Beim Thema Rassismus denken viele Menschen, dass es ausschließlich um Vorurteile oder Diskriminierung gehe. Wie definieren Sie Rassismus?
Ich begreife Rassismus nicht nur auf der Ebene der individuellen Vorurteile. Ich verstehe Rassismus vielmehr als gesellschaftliches Strukturprinzip, das dazu führt, dass Menschen, die aufgrund von Rassismus benachteiligt werden, der Zugang zu gesellschaftlich relevanten Ressourcen wie Bildung, Arbeitsmarkt oder Gesundheit erschwert oder sogar verwehrt wird. Rassismus kann sich durch Normalitätsvorstellungen, Routinen und Verfahrensweisen auch innerhalb von Organisationen einschreiben, sich institutionell verankern und so zu einem Alltagsphänomen werden.

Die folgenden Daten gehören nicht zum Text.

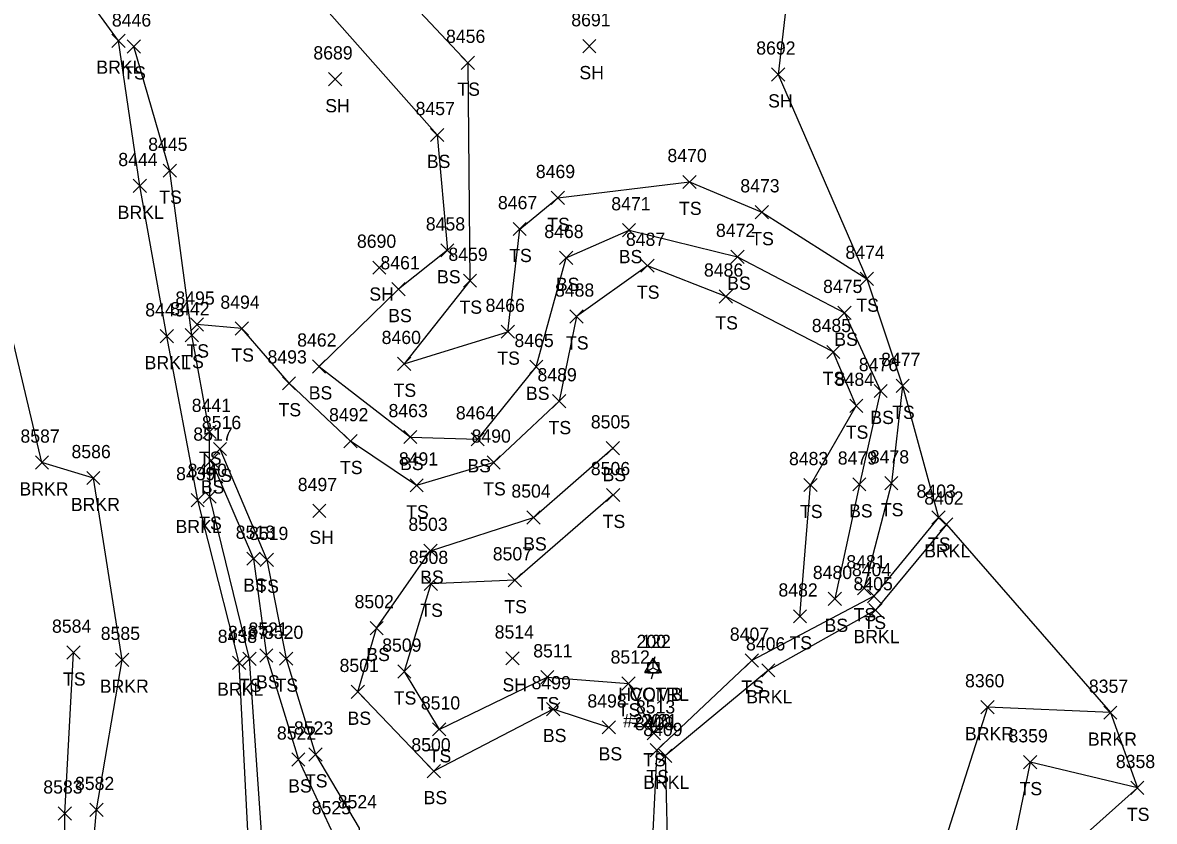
# Model space of a CAD drawing. Extents: x 1482574 to 1485769, y 580696 to 595649.
# Drawn here: x 1485243.5 to 1485414.9, y 581325.5 to 581446.4 of the extents above; entities that cross this region are included whole.
import ezdxf

# ---------------------------------------------------------------- set-up
doc = ezdxf.new("R2010")
doc.units = 0
for name, color, linetype in [('C_A', 7, 'Continuous'), ('C_C', 7, 'Continuous'), ('C_I', 7, 'Continuous'), ('CPSM', 7, 'Continuous'), ('L_A', 7, 'Continuous'), ('L_I', 7, 'Continuous'), ('L_TIC', 7, 'Continuous'), ('LAWE', 7, 'Continuous'), ('LELB', 7, 'Continuous'), ('LSOGP', 7, 'Continuous'), ('U_A', 7, 'Continuous'), ('U_C', 7, 'Continuous'), ('U_I', 7, 'Continuous'), ('UP', 7, 'Continuous')]:
    doc.layers.add(name, color=color, linetype=linetype)

msp = doc.modelspace()

# ---------------------------------------------------------------- linework, layer by layer
at = {"layer": 'CPSM'}
for p, q in [((1485337.71, 581347.99), (1485338.96, 581350.15)), ((1485340.21, 581347.99), (1485338.96, 581350.15)), ((1485338.96, 581348.71), (1485338.96, 581350.15)), ((1485337.71, 581347.99), (1485338.96, 581348.71)), ((1485338.96, 581348.71), (1485338.96, 581348.71)), ((1485338.96, 581348.71), (1485340.21, 581347.99)), ((1485337.71, 581347.99), (1485340.21, 581347.99))]:
    msp.add_line(p, q, dxfattribs=at)
at = {"layer": 'L_TIC'}
for points in [[(1485256.98, 581442.62), (1485258.98, 581444.62)], [(1485258.98, 581442.62), (1485256.98, 581444.62)], [(1485259.29, 581441.76), (1485261.29, 581443.76)], [(1485261.29, 581441.76), (1485259.29, 581443.76)], [(1485328.29, 581441.8), (1485330.29, 581443.8)], [(1485330.29, 581441.8), (1485328.29, 581443.8)], [(1485309.89, 581439.29), (1485311.89, 581441.29)], [(1485311.89, 581439.29), (1485309.89, 581441.29)], [(1485356.87, 581437.52), (1485358.87, 581439.52)], [(1485358.87, 581437.52), (1485356.87, 581439.52)], [(1485289.8, 581436.79), (1485291.8, 581438.79)], [(1485291.8, 581436.79), (1485289.8, 581438.79)], [(1485305.23, 581428.36), (1485307.23, 581430.36)], [(1485307.23, 581428.36), (1485305.23, 581430.36)], [(1485264.74, 581422.95), (1485266.74, 581424.95)], [(1485266.74, 581422.95), (1485264.74, 581424.95)], [(1485260.21, 581420.65), (1485262.21, 581422.65)], [(1485262.21, 581420.65), (1485260.21, 581422.65)], [(1485343.46, 581421.25), (1485345.46, 581423.25)], [(1485345.46, 581421.25), (1485343.46, 581423.25)], [(1485323.5, 581418.83), (1485325.5, 581420.83)], [(1485325.5, 581418.83), (1485323.5, 581420.83)], [(1485354.4, 581416.67), (1485356.4, 581418.67)], [(1485356.4, 581416.67), (1485354.4, 581418.67)], [(1485317.74, 581414.12), (1485319.74, 581416.12)], [(1485319.74, 581414.12), (1485317.74, 581416.12)], [(1485334.3, 581413.95), (1485336.3, 581415.95)], [(1485336.3, 581413.95), (1485334.3, 581415.95)], [(1485306.78, 581410.9), (1485308.78, 581412.9)], [(1485308.78, 581410.9), (1485306.78, 581412.9)], [(1485324.77, 581409.76), (1485326.77, 581411.76)], [(1485326.77, 581409.76), (1485324.77, 581411.76)], [(1485350.72, 581409.92), (1485352.72, 581411.92)], [(1485352.72, 581409.92), (1485350.72, 581411.92)], [(1485296.49, 581408.28), (1485298.49, 581410.28)], [(1485298.49, 581408.28), (1485296.49, 581410.28)], [(1485337.08, 581408.57), (1485339.08, 581410.57)], [(1485339.08, 581408.57), (1485337.08, 581410.57)], [(1485310.21, 581406.3), (1485312.21, 581408.3)], [(1485312.21, 581406.3), (1485310.21, 581408.3)], [(1485370.32, 581406.6), (1485372.32, 581408.6)], [(1485372.32, 581406.6), (1485370.32, 581408.6)], [(1485299.39, 581405.02), (1485301.39, 581407.02)], [(1485301.39, 581405.02), (1485299.39, 581407.02)], [(1485348.96, 581403.92), (1485350.96, 581405.92)], [(1485350.96, 581403.92), (1485348.96, 581405.92)], [(1485366.93, 581401.44), (1485368.93, 581403.44)], [(1485368.93, 581401.44), (1485366.93, 581403.44)], [(1485268.86, 581399.68), (1485270.86, 581401.68)], [(1485270.86, 581399.68), (1485268.86, 581401.68)], [(1485326.34, 581400.89), (1485328.34, 581402.89)], [(1485328.34, 581400.89), (1485326.34, 581402.89)], [(1485264.29, 581397.9), (1485266.29, 581399.9)], [(1485266.29, 581397.9), (1485264.29, 581399.9)], [(1485268.08, 581398.06), (1485270.08, 581400.06)], [(1485270.08, 581398.06), (1485268.08, 581400.06)], [(1485275.67, 581399.06), (1485277.67, 581401.06)], [(1485277.67, 581399.06), (1485275.67, 581401.06)], [(1485315.94, 581398.59), (1485317.94, 581400.58)], [(1485317.94, 581398.59), (1485315.94, 581400.58)], [(1485365.23, 581395.52), (1485367.23, 581397.52)], [(1485367.23, 581395.52), (1485365.23, 581397.52)], [(1485287.35, 581393.33), (1485289.35, 581395.33)], [(1485289.35, 581393.33), (1485287.35, 581395.33)], [(1485300.23, 581393.72), (1485302.23, 581395.72)], [(1485302.23, 581393.72), (1485300.23, 581395.72)], [(1485320.25, 581393.26), (1485322.25, 581395.26)], [(1485322.25, 581393.26), (1485320.25, 581395.26)], [(1485282.81, 581390.77), (1485284.81, 581392.77)], [(1485284.81, 581390.77), (1485282.81, 581392.77)], [(1485372.4, 581389.62), (1485374.4, 581391.61)], [(1485374.4, 581389.62), (1485372.4, 581391.61)], [(1485375.73, 581390.39), (1485377.73, 581392.39)], [(1485377.73, 581390.39), (1485375.73, 581392.39)], [(1485323.7, 581388.07), (1485325.7, 581390.07)], [(1485325.7, 581388.07), (1485323.7, 581390.07)], [(1485368.71, 581387.38), (1485370.71, 581389.38)], [(1485370.71, 581387.38), (1485368.71, 581389.38)], [(1485270.76, 581383.44), (1485272.76, 581385.44)], [(1485272.76, 581383.44), (1485270.76, 581385.44)], [(1485301.18, 581382.64), (1485303.18, 581384.64)], [(1485303.18, 581382.64), (1485301.18, 581384.64)], [(1485311.38, 581382.3), (1485313.38, 581384.3)], [(1485313.38, 581382.3), (1485311.38, 581384.3)], [(1485272.35, 581380.84), (1485274.35, 581382.84)], [(1485274.35, 581380.84), (1485272.35, 581382.84)], [(1485292.13, 581382.03), (1485294.12, 581384.03)], [(1485294.12, 581382.03), (1485292.13, 581384.03)], [(1485331.85, 581380.95), (1485333.85, 581382.95)], [(1485333.85, 581380.95), (1485331.85, 581382.95)], [(1485271, 581379.09), (1485273, 581381.09)], [(1485273, 581379.09), (1485271, 581381.09)], [(1485245.39, 581378.79), (1485247.39, 581380.79)], [(1485247.39, 581378.79), (1485245.39, 581380.79)], [(1485313.8, 581378.8), (1485315.8, 581380.79)], [(1485315.8, 581378.8), (1485313.8, 581380.79)], [(1485253.18, 581376.44), (1485255.17, 581378.44)], [(1485255.17, 581376.44), (1485253.18, 581378.44)], [(1485369.18, 581375.48), (1485371.18, 581377.47)], [(1485371.18, 581375.48), (1485369.18, 581377.47)], [(1485374.02, 581375.65), (1485376.02, 581377.65)], [(1485376.02, 581375.65), (1485374.02, 581377.65)], [(1485302.13, 581375.33), (1485304.13, 581377.33)], [(1485304.13, 581375.33), (1485302.13, 581377.33)], [(1485331.9, 581373.87), (1485333.9, 581375.87)], [(1485333.9, 581373.87), (1485331.9, 581375.87)], [(1485361.78, 581375.38), (1485363.78, 581377.38)], [(1485363.78, 581375.38), (1485361.78, 581377.38)], [(1485268.97, 581373.1), (1485270.97, 581375.1)], [(1485270.97, 581373.1), (1485268.97, 581375.1)], [(1485270.79, 581373.61), (1485272.79, 581375.61)], [(1485272.79, 581373.61), (1485270.79, 581375.61)], [(1485287.39, 581371.46), (1485289.39, 581373.46)], [(1485289.39, 581371.46), (1485287.39, 581373.46)], [(1485319.82, 581370.47), (1485321.82, 581372.47)], [(1485321.82, 581370.47), (1485319.82, 581372.47)], [(1485381.17, 581370.46), (1485383.17, 581372.45)], [(1485383.17, 581370.46), (1485381.17, 581372.45)], [(1485382.35, 581369.41), (1485384.35, 581371.41)], [(1485384.35, 581369.41), (1485382.35, 581371.41)], [(1485304.22, 581365.44), (1485306.22, 581367.44)], [(1485306.22, 581365.44), (1485304.22, 581367.44)], [(1485277.42, 581364.23), (1485279.42, 581366.23)], [(1485279.42, 581364.23), (1485277.42, 581366.23)], [(1485279.45, 581364.06), (1485281.45, 581366.06)], [(1485281.45, 581364.06), (1485279.45, 581366.06)], [(1485304.28, 581360.43), (1485306.28, 581362.43)], [(1485306.28, 581360.43), (1485304.28, 581362.43)], [(1485317, 581360.97), (1485319, 581362.97)], [(1485319, 581360.97), (1485317, 581362.97)], [(1485369.9, 581359.76), (1485371.9, 581361.76)], [(1485371.9, 581359.76), (1485369.9, 581361.76)], [(1485371.39, 581358.57), (1485373.39, 581360.57)], [(1485373.39, 581358.57), (1485371.39, 581360.57)], [(1485365.47, 581358.15), (1485367.47, 581360.15)], [(1485367.47, 581358.15), (1485365.47, 581360.15)], [(1485360.18, 581355.5), (1485362.18, 581357.5)], [(1485362.18, 581355.5), (1485360.18, 581357.5)], [(1485371.63, 581356.44), (1485373.63, 581358.44)], [(1485373.63, 581356.44), (1485371.63, 581358.44)], [(1485296.07, 581353.73), (1485298.07, 581355.73)], [(1485298.07, 581353.73), (1485296.07, 581355.73)], [(1485250.17, 581350.02), (1485252.17, 581352.02)], [(1485252.17, 581350.02), (1485250.17, 581352.02)], [(1485257.55, 581348.93), (1485259.55, 581350.93)], [(1485259.55, 581348.93), (1485257.55, 581350.93)], [(1485275.27, 581348.48), (1485277.27, 581350.48)], [(1485277.27, 581348.48), (1485275.27, 581350.48)], [(1485276.82, 581349.06), (1485278.82, 581351.06)], [(1485278.82, 581349.06), (1485276.82, 581351.06)], [(1485279.37, 581349.58), (1485281.37, 581351.58)], [(1485281.37, 581349.58), (1485279.37, 581351.58)], [(1485282.36, 581349.09), (1485284.36, 581351.09)], [(1485284.36, 581349.09), (1485282.36, 581351.09)], [(1485316.65, 581349.14), (1485318.65, 581351.14)], [(1485318.65, 581349.14), (1485316.65, 581351.14)], [(1485352.9, 581348.81), (1485354.9, 581350.81)], [(1485354.9, 581348.81), (1485352.9, 581350.81)], [(1485300.26, 581347.15), (1485302.26, 581349.15)], [(1485302.26, 581347.15), (1485300.26, 581349.15)], [(1485321.92, 581346.29), (1485323.92, 581348.29)], [(1485323.92, 581346.29), (1485321.92, 581348.29)], [(1485355.4, 581347.34), (1485357.4, 581349.34)], [(1485357.4, 581347.34), (1485355.4, 581349.34)], [(1485334.2, 581345.35), (1485336.2, 581347.35)], [(1485336.2, 581345.35), (1485334.2, 581347.35)], [(1485293.23, 581344.08), (1485295.23, 581346.08)], [(1485295.23, 581344.08), (1485293.23, 581346.08)], [(1485322.81, 581341.47), (1485324.81, 581343.47)], [(1485324.81, 581341.47), (1485322.81, 581343.47)], [(1485388.58, 581341.76), (1485390.58, 581343.76)], [(1485390.58, 581341.76), (1485388.58, 581343.76)], [(1485407.19, 581340.93), (1485409.19, 581342.93)], [(1485409.19, 581340.93), (1485407.19, 581342.93)], [(1485305.55, 581338.4), (1485307.55, 581340.4)], [(1485307.55, 581338.4), (1485305.55, 581340.4)], [(1485331.25, 581338.7), (1485333.25, 581340.7)], [(1485333.25, 581338.7), (1485331.25, 581340.7)], [(1485338.04, 581337.8), (1485340.04, 581339.8)], [(1485340.04, 581337.8), (1485338.04, 581339.8)], [(1485286.81, 581334.61), (1485288.81, 581336.61)], [(1485288.81, 581334.61), (1485286.81, 581336.61)], [(1485338.52, 581335.26), (1485340.52, 581337.26)], [(1485340.52, 581335.26), (1485338.52, 581337.26)], [(1485339.79, 581334.39), (1485341.79, 581336.39)], [(1485341.79, 581334.39), (1485339.79, 581336.39)], [(1485284.22, 581333.85), (1485286.22, 581335.84)], [(1485286.22, 581333.85), (1485284.22, 581335.84)], [(1485395.03, 581333.43), (1485397.03, 581335.43)], [(1485397.03, 581333.43), (1485395.03, 581335.43)], [(1485304.75, 581332.07), (1485306.75, 581334.07)], [(1485306.75, 581332.07), (1485304.75, 581334.07)], [(1485411.28, 581329.54), (1485413.28, 581331.54)], [(1485413.28, 581329.54), (1485411.28, 581331.54)], [(1485253.65, 581326.22), (1485255.65, 581328.22)], [(1485255.65, 581326.22), (1485253.65, 581328.22)], [(1485248.85, 581325.68), (1485250.85, 581327.68)], [(1485250.85, 581325.68), (1485248.85, 581327.68)]]:
    msp.add_lwpolyline(points, dxfattribs=at)
at = {"layer": 'LAWE'}
for points in [[(1485257.98, 581443.62), (1485236.74, 581472.74)], [(1485246.39, 581379.79), (1485231.41, 581442.65)], [(1485383.35, 581370.41), (1485372.63, 581357.44), (1485356.4, 581348.34), (1485340.79, 581335.39), (1485341.22, 581317.01), (1485338.86, 581297.19), (1485346.76, 581274.6), (1485345.53, 581239.6), (1485332.99, 581225.19), (1485315.53, 581218.82), (1485295.3, 581206.53), (1485284.77, 581228.87), (1485269.41, 581235.91), (1485273, 581250.57), (1485271.25, 581267.15), (1485275.06, 581296.66), (1485277.83, 581319.14), (1485276.27, 581349.48), (1485269.97, 581374.1), (1485265.29, 581398.9), (1485261.21, 581421.65), (1485257.98, 581443.62)], [(1485364.63, 581186.29), (1485351.85, 581199.26), (1485344.05, 581203.55), (1485334.83, 581196.93), (1485324.09, 581192.81), (1485311.88, 581188.77), (1485287.13, 581192.44), (1485263.74, 581206.89), (1485243.58, 581216.33), (1485234.47, 581223.79), (1485232.82, 581234.01), (1485239.54, 581253.71), (1485237.14, 581263.3), (1485247.7, 581282.83), (1485252.83, 581306.34), (1485254.65, 581327.22), (1485258.55, 581349.93), (1485254.18, 581377.44), (1485246.39, 581379.79)], [(1485408.19, 581341.93), (1485389.57, 581342.76), (1485380.27, 581313.64), (1485378.4, 581300.8), (1485376.61, 581261.15), (1485372.43, 581245.94), (1485361.25, 581222.94), (1485351.39, 581213.83), (1485346.53, 581207.64)]]:
    msp.add_lwpolyline(points, dxfattribs=at)
at = {"layer": 'LELB'}
for points in [[(1485244.68, 581483.71), (1485267.26, 581478.31), (1485278.98, 581475.49), (1485293.07, 581459.24), (1485310.89, 581440.29), (1485311.21, 581407.3), (1485301.23, 581394.72), (1485316.94, 581399.58), (1485318.75, 581415.12), (1485324.5, 581419.83), (1485344.46, 581422.25), (1485355.41, 581417.67), (1485371.32, 581407.6), (1485376.73, 581391.39), (1485375.02, 581376.65), (1485370.9, 581360.76)], [(1485243.49, 581476.07), (1485262.58, 581471.63), (1485275.46, 581469.11), (1485283.67, 581454.93), (1485306.23, 581429.36), (1485307.78, 581411.9), (1485300.39, 581406.02), (1485288.35, 581394.33), (1485302.18, 581383.64), (1485312.38, 581383.3), (1485321.25, 581394.26), (1485325.77, 581410.76), (1485335.3, 581414.95), (1485351.72, 581410.92), (1485367.94, 581402.44), (1485373.4, 581390.61), (1485370.18, 581376.47), (1485366.47, 581359.15)], [(1485382.17, 581371.45), (1485372.39, 581359.57), (1485353.9, 581349.81), (1485339.52, 581336.26), (1485338.54, 581316.78), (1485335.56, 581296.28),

Kaum Vermittlung interkultureller Kompetenzen in der Erzieher*innenausbildung
In Deutschland besteht ein Rechtsanspruch auf einen Kitaplatz. Allerdings gibt es viel zu wenig Kitaplätze. Spielt bei der Vergabe von Kitaplätzen Rassismus eine Rolle?
Es gibt Studien, die Segregationsprozesse beleuchten. Bisher wurde jedoch oft der Fokus auf die elterlichen Wahlentscheidungen gelegt. Es wurde also argumentiert, dass migrantische Familien ihre Kinder entweder zu spät anmelden oder vielleicht gar nicht den Wunsch haben. Interessanterweise wurde in den bisherigen Studien kaum untersucht, wie sich Rassismus in diesen Zugangsprozessen einschreibt.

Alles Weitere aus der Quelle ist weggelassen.